TASK REQUIREMENTS »
Your output should be the records below, word for word and picture-free.

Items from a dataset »
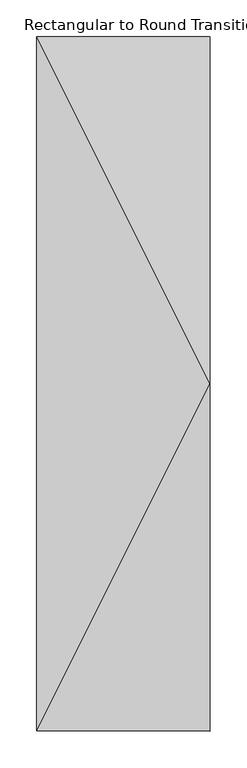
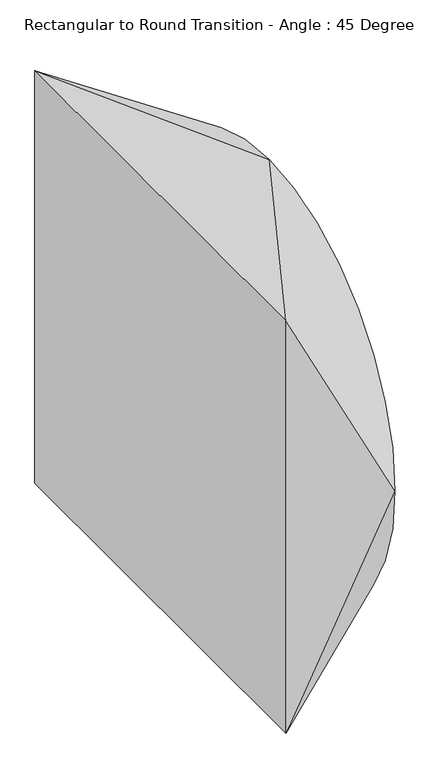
"""IFC4 building model written with IfcOpenShell, lengths in millimetres: duct fitting geometry, Rectangular to Round Transition - Angle : 45 Degree."""

from ifc_helpers import new_model, si_unit, frame, origin, place, context, project, spatial, circle_curve, source, transform, mapped, element, save
from ifc_brep_helpers import plane_surface, spline_surface, advanced_brep


def rectangular_to_round_transition_angle_45_degree_ce135f2d(model_context):
    return source(origin(), model_context, "Body", "AdvancedBrep", [
        advanced_brep(
        [(234.95, 0.0, 469.9), (234.95, -469.9, 0.0), (234.95, 0.0, -469.9), (234.95, 469.9, 0.0), (0.0, -469.9, 469.9), (0.0, 469.9, 469.9), (0.0, 469.9, -469.9), (0.0, -469.9, -469.9)],
        [
            (0, 1, circle_curve(frame((234.95, 0.0, 0.0), z_axis=(1.0, 0.0, 0.0), x_axis=(0.0, 1.0, 0.0)), 469.9)),
            (1, 2, circle_curve(frame((234.95, 0.0, 0.0), z_axis=(1.0, 0.0, 0.0), x_axis=(0.0, 1.0, 0.0)), 469.9)),
            (2, 3, circle_curve(frame((234.95, 0.0, 0.0), z_axis=(1.0, 0.0, 0.0), x_axis=(0.0, 1.0, 0.0)), 469.9)),
            (3, 0, circle_curve(frame((234.95, 0.0, 0.0), z_axis=(1.0, 0.0, 0.0), x_axis=(0.0, 1.0, 0.0)), 469.9)),
            (4, 5),
            (5, 6),
            (6, 7),
            (7, 4),
            (0, 4),
            (4, 1),
            (7, 1),
            (7, 2),
            (6, 2),
            (6, 3),
            (5, 3),
            (5, 0),
        ],
        [
            plane_surface(frame((234.95, 0.0, 0.0), z_axis=(1.0, 0.0, 0.0), x_axis=(0.0, 0.0, -1.0))),
            plane_surface(frame((0.0, 0.0, 0.0), z_axis=(-1.0, 0.0, 0.0), x_axis=(0.0, 0.0, -1.0))),
            spline_surface(2, 1, [[(0.0, -469.9, 469.9), (234.95, 0.0, 469.9)], [(0.0, -469.9, 469.9), (234.95, -469.9, 469.9)], [(0.0, -469.9, 469.9), (234.95, -469.9, 0.0)]], [3, 3], [2, 2], [0.0, 1.0], [0.0, 1.0], weights=[[1.0, 1.0], [0.7071067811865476, 0.7071067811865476], [1.0, 1.0]]),
            plane_surface(frame((0.0, -469.9, 0.0), z_axis=(0.0, -1.0, 0.0), x_axis=(0.0, 0.0, -1.0))),
            spline_surface(2, 1, [[(0.0, -469.9, -469.9), (234.95, -469.9, 0.0)], [(0.0, -469.9, -469.9), (234.95, -469.9, -469.9)], [(0.0, -469.9, -469.9), (234.95, 0.0, -469.9)]], [3, 3], [2, 2], [0.0, 1.0], [0.0, 1.0], weights=[[1.0, 1.0], [0.7071067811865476, 0.7071067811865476], [1.0, 1.0]]),
            plane_surface(frame((0.0, 0.0, -469.9), z_axis=(0.0, 0.0, -1.0), x_axis=(0.0, 1.0, 0.0))),
            spline_surface(2, 1, [[(0.0, 469.9, -469.9), (234.95, 0.0, -469.9)], [(0.0, 469.9, -469.9), (234.95, 469.9, -469.9)], [(0.0, 469.9, -469.9), (234.95, 469.9, 0.0)]], [3, 3], [2, 2], [0.0, 1.0], [0.0, 1.0], weights=[[1.0, 1.0], [0.7071067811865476, 0.7071067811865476], [1.0, 1.0]]),
            plane_surface(frame((0.0, 469.9, 0.0), z_axis=(0.0, 1.0, 0.0), x_axis=(0.0, 0.0, 1.0))),
            spline_surface(2, 1, [[(0.0, 469.9, 469.9), (234.95, 469.9, 0.0)], [(0.0, 469.9, 469.9), (234.95, 469.9, 469.9)], [(0.0, 469.9, 469.9), (234.95, 0.0, 469.9)]], [3, 3], [2, 2], [0.0, 1.0], [0.0, 1.0], weights=[[1.0, 1.0], [0.7071067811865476, 0.7071067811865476], [1.0, 1.0]]),
            plane_surface(frame((0.0, 0.0, 469.9), z_axis=(0.0, 0.0, 1.0), x_axis=(0.0, -1.0, 0.0))),
        ],
        [
            (0, [[1, 2, 3, 4]]),
            (1, [[5, 6, 7, 8]]),
            (2, [[-1, 9, 10]]),
            (3, [[-8, 11, -10]]),
            (4, [[-2, -11, 12]]),
            (5, [[-7, 13, -12]]),
            (6, [[-3, -13, 14]]),
            (7, [[-6, 15, -14]]),
            (8, [[-4, -15, 16]]),
            (9, [[-5, -9, -16]]),
        ],
    ),
    ])


if __name__ == "__main__":
    model = new_model("IFC4")
    model_context = context("Model", 3, world=origin())
    ifc_project = project(units=[si_unit("LENGTHUNIT", "METRE", prefix="MILLI")], contexts=[model_context])
    site = spatial("IfcSite", under=ifc_project)
    building = spatial("IfcBuilding", under=site)
    placement = place(None, origin())
    rectangular_to_round_transition_angle_45_degree_shape = rectangular_to_round_transition_angle_45_degree_ce135f2d(model_context)
    element("IfcDuctFitting", 1, ObjectType="Rectangular to Round Transition - Angle : 45 Degree", at=placement, inside=building, context=model_context, shape_type="MappedRepresentation", body=[
        mapped(rectangular_to_round_transition_angle_45_degree_shape, transform((0.0, 0.0, 0.0), x_axis=(1.0, 0.0, 0.0), y_axis=(0.0, 1.0, 0.0), z_axis=(0.0, 0.0, 1.0))),
    ])
    save(model, "model.ifc")

TASK SOLUTION »
"""IFC4 building model written with IfcOpenShell, lengths in millimetres: duct fitting geometry, Rectangular to Round Transition - Angle : 45 Degree."""

from ifc_helpers import new_model, si_unit, frame, origin, place, context, project, spatial, circle_curve, source, transform, mapped, element, save
from ifc_brep_helpers import plane_surface, spline_surface, advanced_brep


def rectangular_to_round_transition_angle_45_degree_ce135f2d(model_context):
    return source(origin(), model_context, "Body", "AdvancedBrep", [
        advanced_brep(
        [(234.95, 0.0, 469.9), (234.95, -469.9, 0.0), (234.95, 0.0, -469.9), (234.95, 469.9, 0.0), (0.0, -469.9, 469.9), (0.0, 469.9, 469.9), (0.0, 469.9, -469.9), (0.0, -469.9, -469.9)],
        [
            (0, 1, circle_curve(frame((234.95, 0.0, 0.0), z_axis=(1.0, 0.0, 0.0), x_axis=(0.0, 1.0, 0.0)), 469.9)),
            (1, 2, circle_curve(frame((234.95, 0.0, 0.0), z_axis=(1.0, 0.0, 0.0), x_axis=(0.0, 1.0, 0.0)), 469.9)),
            (2, 3, circle_curve(frame((234.95, 0.0, 0.0), z_axis=(1.0, 0.0, 0.0), x_axis=(0.0, 1.0, 0.0)), 469.9)),
            (3, 0, circle_curve(frame((234.95, 0.0, 0.0), z_axis=(1.0, 0.0, 0.0), x_axis=(0.0, 1.0, 0.0)), 469.9)),
            (4, 5),
            (5, 6),
            (6, 7),
            (7, 4),
            (0, 4),
            (4, 1),
            (7, 1),
            (7, 2),
            (6, 2),
            (6, 3),
            (5, 3),
            (5, 0),
        ],
        [
            plane_surface(frame((234.95, 0.0, 0.0), z_axis=(1.0, 0.0, 0.0), x_axis=(0.0, 0.0, -1.0))),
            plane_surface(frame((0.0, 0.0, 0.0), z_axis=(-1.0, 0.0, 0.0), x_axis=(0.0, 0.0, -1.0))),
            spline_surface(2, 1, [[(0.0, -469.9, 469.9), (234.95, 0.0, 469.9)], [(0.0, -469.9, 469.9), (234.95, -469.9, 469.9)], [(0.0, -469.9, 469.9), (234.95, -469.9, 0.0)]], [3, 3], [2, 2], [0.0, 1.0], [0.0, 1.0], weights=[[1.0, 1.0], [0.7071067811865476, 0.7071067811865476], [1.0, 1.0]]),
            plane_surface(frame((0.0, -469.9, 0.0), z_axis=(0.0, -1.0, 0.0), x_axis=(0.0, 0.0, -1.0))),
            spline_surface(2, 1, [[(0.0, -469.9, -469.9), (234.95, -469.9, 0.0)], [(0.0, -469.9, -469.9), (234.95, -469.9, -469.9)], [(0.0, -469.9, -469.9), (234.95, 0.0, -469.9)]], [3, 3], [2, 2], [0.0, 1.0], [0.0, 1.0], weights=[[1.0, 1.0], [0.7071067811865476, 0.7071067811865476], [1.0, 1.0]]),
            plane_surface(frame((0.0, 0.0, -469.9), z_axis=(0.0, 0.0, -1.0), x_axis=(0.0, 1.0, 0.0))),
            spline_surface(2, 1, [[(0.0, 469.9, -469.9), (234.95, 0.0, -469.9)], [(0.0, 469.9, -469.9), (234.95, 469.9, -469.9)], [(0.0, 469.9, -469.9), (234.95, 469.9, 0.0)]], [3, 3], [2, 2], [0.0, 1.0], [0.0, 1.0], weights=[[1.0, 1.0], [0.7071067811865476, 0.7071067811865476], [1.0, 1.0]]),
            plane_surface(frame((0.0, 469.9, 0.0), z_axis=(0.0, 1.0, 0.0), x_axis=(0.0, 0.0, 1.0))),
            spline_surface(2, 1, [[(0.0, 469.9, 469.9), (234.95, 469.9, 0.0)], [(0.0, 469.9, 469.9), (234.95, 469.9, 469.9)], [(0.0, 469.9, 469.9), (234.95, 0.0, 469.9)]], [3, 3], [2, 2], [0.0, 1.0], [0.0, 1.0], weights=[[1.0, 1.0], [0.7071067811865476, 0.7071067811865476], [1.0, 1.0]]),
            plane_surface(frame((0.0, 0.0, 469.9), z_axis=(0.0, 0.0, 1.0), x_axis=(0.0, -1.0, 0.0))),
        ],
        [
            (0, [[1, 2, 3, 4]]),
            (1, [[5, 6, 7, 8]]),
            (2, [[-1, 9, 10]]),
            (3, [[-8, 11, -10]]),
            (4, [[-2, -11, 12]]),
            (5, [[-7, 13, -12]]),
            (6, [[-3, -13, 14]]),
            (7, [[-6, 15, -14]]),
            (8, [[-4, -15, 16]]),
            (9, [[-5, -9, -16]]),
        ],
    ),
    ])


if __name__ == "__main__":
    model = new_model("IFC4")
    model_context = context("Model", 3, world=origin())
    ifc_project = project(units=[si_unit("LENGTHUNIT", "METRE", prefix="MILLI")], contexts=[model_context])
    site = spatial("IfcSite", under=ifc_project)
    building = spatial("IfcBuilding", under=site)
    placement = place(None, origin())
    rectangular_to_round_transition_angle_45_degree_shape = rectangular_to_round_transition_angle_45_degree_ce135f2d(model_context)
    element("IfcDuctFitting", 1, ObjectType="Rectangular to Round Transition - Angle : 45 Degree", at=placement, inside=building, context=model_context, shape_type="MappedRepresentation", body=[
        mapped(rectangular_to_round_transition_angle_45_degree_shape, transform((0.0, 0.0, 0.0), x_axis=(1.0, 0.0, 0.0), y_axis=(0.0, 1.0, 0.0), z_axis=(0.0, 0.0, 1.0))),
    ])
    save(model, "model.ifc")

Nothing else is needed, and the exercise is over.